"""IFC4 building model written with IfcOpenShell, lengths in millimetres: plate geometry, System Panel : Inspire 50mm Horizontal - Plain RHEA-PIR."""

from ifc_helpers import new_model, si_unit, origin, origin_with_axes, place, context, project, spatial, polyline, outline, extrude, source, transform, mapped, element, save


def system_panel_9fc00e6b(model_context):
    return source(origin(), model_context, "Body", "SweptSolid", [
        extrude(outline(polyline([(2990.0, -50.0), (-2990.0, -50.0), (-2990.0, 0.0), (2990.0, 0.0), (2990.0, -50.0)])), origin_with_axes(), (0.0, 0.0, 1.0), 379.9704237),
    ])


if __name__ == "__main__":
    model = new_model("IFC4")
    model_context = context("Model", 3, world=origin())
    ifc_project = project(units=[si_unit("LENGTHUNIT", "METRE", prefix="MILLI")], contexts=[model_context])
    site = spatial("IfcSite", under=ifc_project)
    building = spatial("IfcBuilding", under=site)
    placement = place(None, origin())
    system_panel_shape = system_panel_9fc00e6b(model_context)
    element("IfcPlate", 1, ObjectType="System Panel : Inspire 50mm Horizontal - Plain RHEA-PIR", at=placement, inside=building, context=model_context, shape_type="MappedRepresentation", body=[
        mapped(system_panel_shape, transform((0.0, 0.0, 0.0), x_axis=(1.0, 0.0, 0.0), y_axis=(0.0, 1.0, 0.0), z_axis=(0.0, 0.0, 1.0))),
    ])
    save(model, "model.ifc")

EXERCISE GOAL:
If a line in the entries above includes "Inspire", count it; report the total alone.

TASK RESPONSE:
2